DIRECTIONS FOR THIS TASK →
Each line in the data must be reproduced as written, except for any picture.

[Extracted records]
------

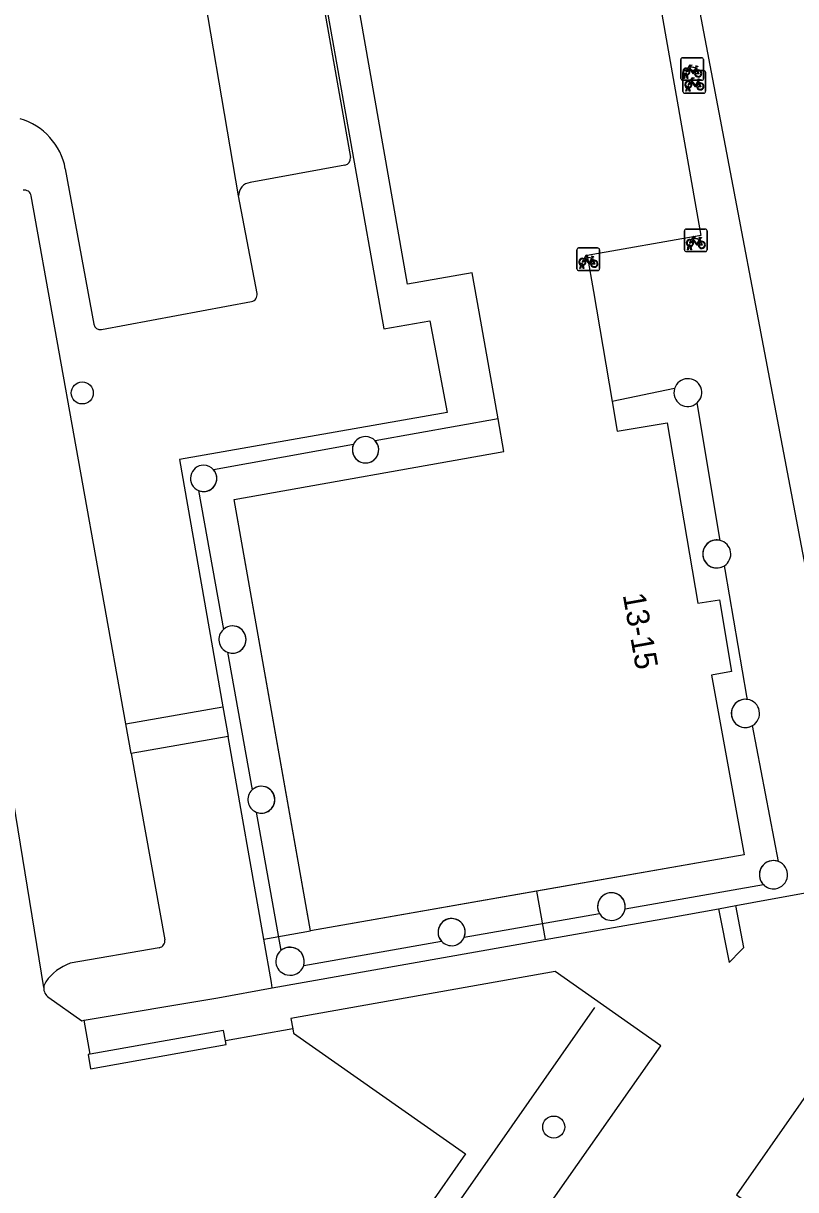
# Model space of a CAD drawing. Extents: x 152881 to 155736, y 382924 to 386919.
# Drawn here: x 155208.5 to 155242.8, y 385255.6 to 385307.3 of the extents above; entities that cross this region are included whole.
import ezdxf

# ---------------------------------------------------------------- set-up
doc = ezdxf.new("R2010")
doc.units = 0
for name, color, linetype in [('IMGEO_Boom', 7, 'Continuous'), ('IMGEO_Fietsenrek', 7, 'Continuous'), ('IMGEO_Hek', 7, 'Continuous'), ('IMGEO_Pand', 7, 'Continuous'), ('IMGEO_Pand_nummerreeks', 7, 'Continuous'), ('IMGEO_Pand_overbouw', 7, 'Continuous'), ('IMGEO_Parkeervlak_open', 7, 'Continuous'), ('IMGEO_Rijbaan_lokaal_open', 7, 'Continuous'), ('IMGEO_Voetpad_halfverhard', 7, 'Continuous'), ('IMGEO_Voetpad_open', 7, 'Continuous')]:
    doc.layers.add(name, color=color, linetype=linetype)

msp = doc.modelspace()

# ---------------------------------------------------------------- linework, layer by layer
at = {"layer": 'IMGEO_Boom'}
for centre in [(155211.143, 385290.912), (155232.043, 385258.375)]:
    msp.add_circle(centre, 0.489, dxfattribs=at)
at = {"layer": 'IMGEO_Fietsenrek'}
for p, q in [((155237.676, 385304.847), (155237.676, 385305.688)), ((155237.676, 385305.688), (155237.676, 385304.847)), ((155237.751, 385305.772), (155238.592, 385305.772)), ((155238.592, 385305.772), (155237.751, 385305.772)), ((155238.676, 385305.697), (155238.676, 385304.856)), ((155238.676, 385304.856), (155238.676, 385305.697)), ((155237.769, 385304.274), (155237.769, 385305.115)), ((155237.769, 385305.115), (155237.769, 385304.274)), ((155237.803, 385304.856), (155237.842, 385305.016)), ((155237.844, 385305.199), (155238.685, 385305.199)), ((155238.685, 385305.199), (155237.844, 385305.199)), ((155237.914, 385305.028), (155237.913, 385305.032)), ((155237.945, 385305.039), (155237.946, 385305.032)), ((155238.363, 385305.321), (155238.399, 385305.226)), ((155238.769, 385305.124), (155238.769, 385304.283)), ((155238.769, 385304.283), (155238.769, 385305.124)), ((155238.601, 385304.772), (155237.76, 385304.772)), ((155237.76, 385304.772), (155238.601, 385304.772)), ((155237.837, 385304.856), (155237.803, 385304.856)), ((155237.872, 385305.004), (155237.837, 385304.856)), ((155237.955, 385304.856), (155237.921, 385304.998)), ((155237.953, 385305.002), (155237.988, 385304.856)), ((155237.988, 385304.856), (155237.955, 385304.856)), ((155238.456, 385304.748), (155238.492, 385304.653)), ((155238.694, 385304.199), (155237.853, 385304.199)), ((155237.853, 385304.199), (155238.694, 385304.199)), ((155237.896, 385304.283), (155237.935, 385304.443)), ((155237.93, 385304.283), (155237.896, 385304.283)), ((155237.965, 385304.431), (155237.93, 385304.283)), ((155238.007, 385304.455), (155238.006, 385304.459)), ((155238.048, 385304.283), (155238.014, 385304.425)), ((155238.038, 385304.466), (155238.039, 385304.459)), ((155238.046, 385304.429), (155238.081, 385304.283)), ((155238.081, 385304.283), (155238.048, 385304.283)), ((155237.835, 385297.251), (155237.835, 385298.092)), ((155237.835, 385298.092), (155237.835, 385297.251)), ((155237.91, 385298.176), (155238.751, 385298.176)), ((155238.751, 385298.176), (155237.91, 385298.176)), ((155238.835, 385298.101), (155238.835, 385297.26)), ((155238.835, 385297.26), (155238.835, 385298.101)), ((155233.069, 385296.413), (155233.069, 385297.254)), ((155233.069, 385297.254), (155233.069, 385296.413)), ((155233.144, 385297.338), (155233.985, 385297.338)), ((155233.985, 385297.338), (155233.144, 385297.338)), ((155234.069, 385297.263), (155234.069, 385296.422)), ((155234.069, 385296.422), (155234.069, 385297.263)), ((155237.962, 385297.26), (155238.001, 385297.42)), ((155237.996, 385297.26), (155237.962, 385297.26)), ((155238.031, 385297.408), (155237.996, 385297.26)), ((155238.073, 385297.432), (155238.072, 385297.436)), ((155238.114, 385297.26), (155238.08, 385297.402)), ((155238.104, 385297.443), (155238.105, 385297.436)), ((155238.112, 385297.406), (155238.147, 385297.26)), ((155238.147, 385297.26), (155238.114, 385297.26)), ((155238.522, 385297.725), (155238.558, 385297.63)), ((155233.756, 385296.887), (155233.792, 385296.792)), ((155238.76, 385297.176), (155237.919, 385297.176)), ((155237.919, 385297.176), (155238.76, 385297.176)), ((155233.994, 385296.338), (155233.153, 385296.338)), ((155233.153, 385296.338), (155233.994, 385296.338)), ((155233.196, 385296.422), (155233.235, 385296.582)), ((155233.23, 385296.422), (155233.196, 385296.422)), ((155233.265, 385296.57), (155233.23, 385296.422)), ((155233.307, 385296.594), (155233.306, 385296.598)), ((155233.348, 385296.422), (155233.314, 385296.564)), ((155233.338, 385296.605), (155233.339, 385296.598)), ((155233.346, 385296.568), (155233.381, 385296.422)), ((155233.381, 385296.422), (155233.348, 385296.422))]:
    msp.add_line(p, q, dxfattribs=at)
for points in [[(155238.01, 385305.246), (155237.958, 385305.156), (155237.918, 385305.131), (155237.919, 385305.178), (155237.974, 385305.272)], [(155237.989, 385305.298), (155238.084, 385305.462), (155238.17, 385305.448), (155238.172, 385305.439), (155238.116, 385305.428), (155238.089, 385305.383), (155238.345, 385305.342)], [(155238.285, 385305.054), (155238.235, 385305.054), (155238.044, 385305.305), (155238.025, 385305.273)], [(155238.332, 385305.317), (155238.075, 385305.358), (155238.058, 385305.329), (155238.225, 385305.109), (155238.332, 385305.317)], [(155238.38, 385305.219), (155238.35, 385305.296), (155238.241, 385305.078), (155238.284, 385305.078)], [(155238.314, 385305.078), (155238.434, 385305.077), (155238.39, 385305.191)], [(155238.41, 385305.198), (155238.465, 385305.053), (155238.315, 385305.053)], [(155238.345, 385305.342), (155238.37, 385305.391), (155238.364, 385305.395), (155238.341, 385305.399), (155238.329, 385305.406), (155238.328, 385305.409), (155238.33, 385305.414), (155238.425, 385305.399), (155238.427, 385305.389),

------

OUTPUT OF THE EXERCISE →
# Model space of a CAD drawing. Extents: x 152881 to 155736, y 382924 to 386919.
# Drawn here: x 155208.5 to 155242.8, y 385255.6 to 385307.3 of the extents above; entities that cross this region are included whole.
import ezdxf

# ---------------------------------------------------------------- set-up
doc = ezdxf.new("R2010")
doc.units = 0
for name, color, linetype in [('IMGEO_Boom', 7, 'Continuous'), ('IMGEO_Fietsenrek', 7, 'Continuous'), ('IMGEO_Hek', 7, 'Continuous'), ('IMGEO_Pand', 7, 'Continuous'), ('IMGEO_Pand_nummerreeks', 7, 'Continuous'), ('IMGEO_Pand_overbouw', 7, 'Continuous'), ('IMGEO_Parkeervlak_open', 7, 'Continuous'), ('IMGEO_Rijbaan_lokaal_open', 7, 'Continuous'), ('IMGEO_Voetpad_halfverhard', 7, 'Continuous'), ('IMGEO_Voetpad_open', 7, 'Continuous')]:
    doc.layers.add(name, color=color, linetype=linetype)

msp = doc.modelspace()

# ---------------------------------------------------------------- linework, layer by layer
at = {"layer": 'IMGEO_Boom'}
for centre in [(155211.143, 385290.912), (155232.043, 385258.375)]:
    msp.add_circle(centre, 0.489, dxfattribs=at)
at = {"layer": 'IMGEO_Fietsenrek'}
for p, q in [((155237.676, 385304.847), (155237.676, 385305.688)), ((155237.676, 385305.688), (155237.676, 385304.847)), ((155237.751, 385305.772), (155238.592, 385305.772)), ((155238.592, 385305.772), (155237.751, 385305.772)), ((155238.676, 385305.697), (155238.676, 385304.856)), ((155238.676, 385304.856), (155238.676, 385305.697)), ((155237.769, 385304.274), (155237.769, 385305.115)), ((155237.769, 385305.115), (155237.769, 385304.274)), ((155237.803, 385304.856), (155237.842, 385305.016)), ((155237.844, 385305.199), (155238.685, 385305.199)), ((155238.685, 385305.199), (155237.844, 385305.199)), ((155237.914, 385305.028), (155237.913, 385305.032)), ((155237.945, 385305.039), (155237.946, 385305.032)), ((155238.363, 385305.321), (155238.399, 385305.226)), ((155238.769, 385305.124), (155238.769, 385304.283)), ((155238.769, 385304.283), (155238.769, 385305.124)), ((155238.601, 385304.772), (155237.76, 385304.772)), ((155237.76, 385304.772), (155238.601, 385304.772)), ((155237.837, 385304.856), (155237.803, 385304.856)), ((155237.872, 385305.004), (155237.837, 385304.856)), ((155237.955, 385304.856), (155237.921, 385304.998)), ((155237.953, 385305.002), (155237.988, 385304.856)), ((155237.988, 385304.856), (155237.955, 385304.856)), ((155238.456, 385304.748), (155238.492, 385304.653)), ((155238.694, 385304.199), (155237.853, 385304.199)), ((155237.853, 385304.199), (155238.694, 385304.199)), ((155237.896, 385304.283), (155237.935, 385304.443)), ((155237.93, 385304.283), (155237.896, 385304.283)), ((155237.965, 385304.431), (155237.93, 385304.283)), ((155238.007, 385304.455), (155238.006, 385304.459)), ((155238.048, 385304.283), (155238.014, 385304.425)), ((155238.038, 385304.466), (155238.039, 385304.459)), ((155238.046, 385304.429), (155238.081, 385304.283)), ((155238.081, 385304.283), (155238.048, 385304.283)), ((155237.835, 385297.251), (155237.835, 385298.092)), ((155237.835, 385298.092), (155237.835, 385297.251)), ((155237.91, 385298.176), (155238.751, 385298.176)), ((155238.751, 385298.176), (155237.91, 385298.176)), ((155238.835, 385298.101), (155238.835, 385297.26)), ((155238.835, 385297.26), (155238.835, 385298.101)), ((155233.069, 385296.413), (155233.069, 385297.254)), ((155233.069, 385297.254), (155233.069, 385296.413)), ((155233.144, 385297.338), (155233.985, 385297.338)), ((155233.985, 385297.338), (155233.144, 385297.338)), ((155234.069, 385297.263), (155234.069, 385296.422)), ((155234.069, 385296.422), (155234.069, 385297.263)), ((155237.962, 385297.26), (155238.001, 385297.42)), ((155237.996, 385297.26), (155237.962, 385297.26)), ((155238.031, 385297.408), (155237.996, 385297.26)), ((155238.073, 385297.432), (155238.072, 385297.436)), ((155238.114, 385297.26), (155238.08, 385297.402)), ((155238.104, 385297.443), (155238.105, 385297.436)), ((155238.112, 385297.406), (155238.147, 385297.26)), ((155238.147, 385297.26), (155238.114, 385297.26)), ((155238.522, 385297.725), (155238.558, 385297.63)), ((155233.756, 385296.887), (155233.792, 385296.792)), ((155238.76, 385297.176), (155237.919, 385297.176)), ((155237.919, 385297.176), (155238.76, 385297.176)), ((155233.994, 385296.338), (155233.153, 385296.338)), ((155233.153, 385296.338), (155233.994, 385296.338)), ((155233.196, 385296.422), (155233.235, 385296.582)), ((155233.23, 385296.422), (155233.196, 385296.422)), ((155233.265, 385296.57), (155233.23, 385296.422)), ((155233.307, 385296.594), (155233.306, 385296.598)), ((155233.348, 385296.422), (155233.314, 385296.564)), ((155233.338, 385296.605), (155233.339, 385296.598)), ((155233.346, 385296.568), (155233.381, 385296.422)), ((155233.381, 385296.422), (155233.348, 385296.422))]:
    msp.add_line(p, q, dxfattribs=at)
for points in [[(155238.01, 385305.246), (155237.958, 385305.156), (155237.918, 385305.131), (155237.919, 385305.178), (155237.974, 385305.272)], [(155237.989, 385305.298), (155238.084, 385305.462), (155238.17, 385305.448), (155238.172, 385305.439), (155238.116, 385305.428), (155238.089, 385305.383), (155238.345, 385305.342)], [(155238.285, 385305.054), (155238.235, 385305.054), (155238.044, 385305.305), (155238.025, 385305.273)], [(155238.332, 385305.317), (155238.075, 385305.358), (155238.058, 385305.329), (155238.225, 385305.109), (155238.332, 385305.317)], [(155238.38, 385305.219), (155238.35, 385305.296), (155238.241, 385305.078), (155238.284, 385305.078)], [(155238.314, 385305.078), (155238.434, 385305.077), (155238.39, 385305.191)], [(155238.41, 385305.198), (155238.465, 385305.053), (155238.315, 385305.053)], [(155238.345, 385305.342), (155238.37, 385305.391), (155238.364, 385305.395), (155238.341, 385305.399), (155238.329, 385305.406), (155238.328, 385305.409), (155238.33, 385305.414), (155238.425, 385305.399), (155238.427, 385305.389),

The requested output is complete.